(Entries taken from a collection)
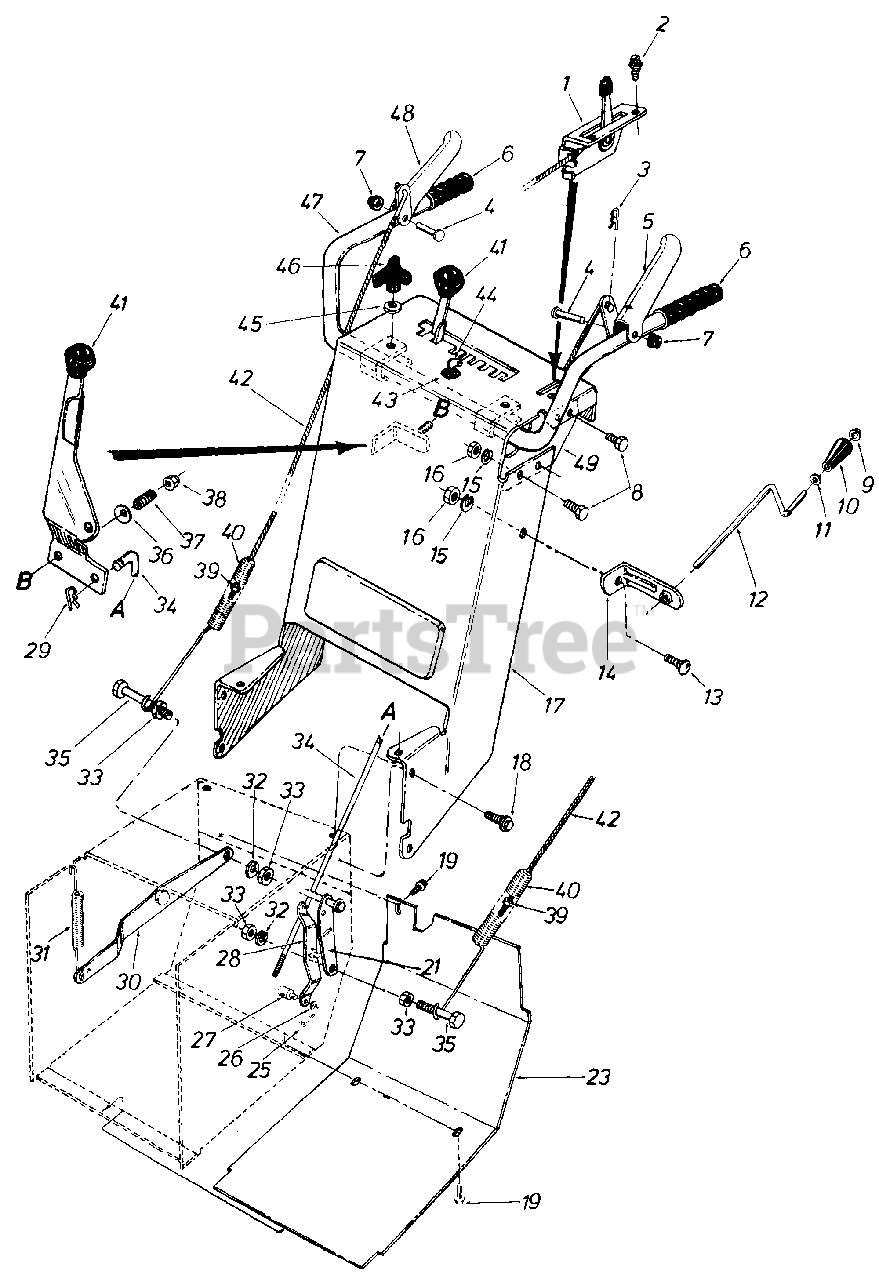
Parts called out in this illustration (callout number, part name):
1	Throttle Control Ass'y. Comp.
2	Hex Wash. Hd. AB-Tap Scr. #8 x .50
3	Hairpin Cotter 3/32" Dia. x 1.00" Lg.
4	Clevis Pin .375" Dia. x 1.88" Lg.
5	Drive Clutch Grip Ass'y. - L.H.
6	Grip Handle
7	Push Cap for 3/8" Rod
8	Hex Bolt 5/16-24 x .62" Lg.
9	Push Nut for 3/8" Rod
10	Knob w/.38" Dia. Hole
11	Fl. Wash. .385" I.D. x .62" O.D. x .063"
12	Chute Crank .38 Dia. x 35" Lg.
13	Carriage Bolt 5/16-18 x .62" Lg.
14	Chute Control Brkt.
15	L-Wash. 5/16"
16	Hex Nut 5/16-24 Thd.
17	Handle Panel Ass'y.
18	Hex Wash. Self-Tap Scr. 5/16-24 x .50" Lg.
19	Hex Wash. Self-Tap Scr. 5/16-24 x .50 Lg.
21	Drive Clutch Brkt. Ass'y.
23	Frame Cover
25	Cotter Pin 3/32" Dia. x .75" Lg.
26	Fl. Wash. .344" I.D. x .62" O.D. x .063
27	Ferrule - Engagement
28	Shifting Linkage Brkt.
29	Hairpin Cotter 3/32" Dia. x 1.00" Lg.
30	Auger Clutch Brkt.
31	Ext. Spring .38" O.D. x 3.18" Lg.
32	L-Wash. 1/4" I.D.
33	Hex Nut 1/4-28 Thd.
34	Shifting Rod
35	Hex Bolt 1/4-28 x 1.75" Lg.
36	Bell-Wash. .400 I.D. x .88 O.D. x .060
37	Comp. Spring .39 I.D. x .88
38	Hex Ins. L-Nut 3/8-24 Thd.
39	Hex Ins. L-Nut 1/4-20 Thd.
40	Spring .75" O.D. x 5.0" Lg.
41	Shift Handle Ass'y.
42	Lock-Out Cable 30.5" Lg.
43	Ignition Switch
44	Ignition Key
45	Bell-Wash. .345 I.D. x .88 O.D. x .060
46	Three Arm Knob - 5/16-18 Thd.
47	Handle Ass'y.
48	Auger Clutch Grip Ass'y. - R.H.
49	Handle Support Brkt.

EXERCISE DIRECTIONS: Check each line of the records above for "Self", and copy those that have it.

EXPECTED OUTPUT:
18	Hex Wash. Self-Tap Scr. 5/16-24 x .50" Lg.
19	Hex Wash. Self-Tap Scr. 5/16-24 x .50 Lg.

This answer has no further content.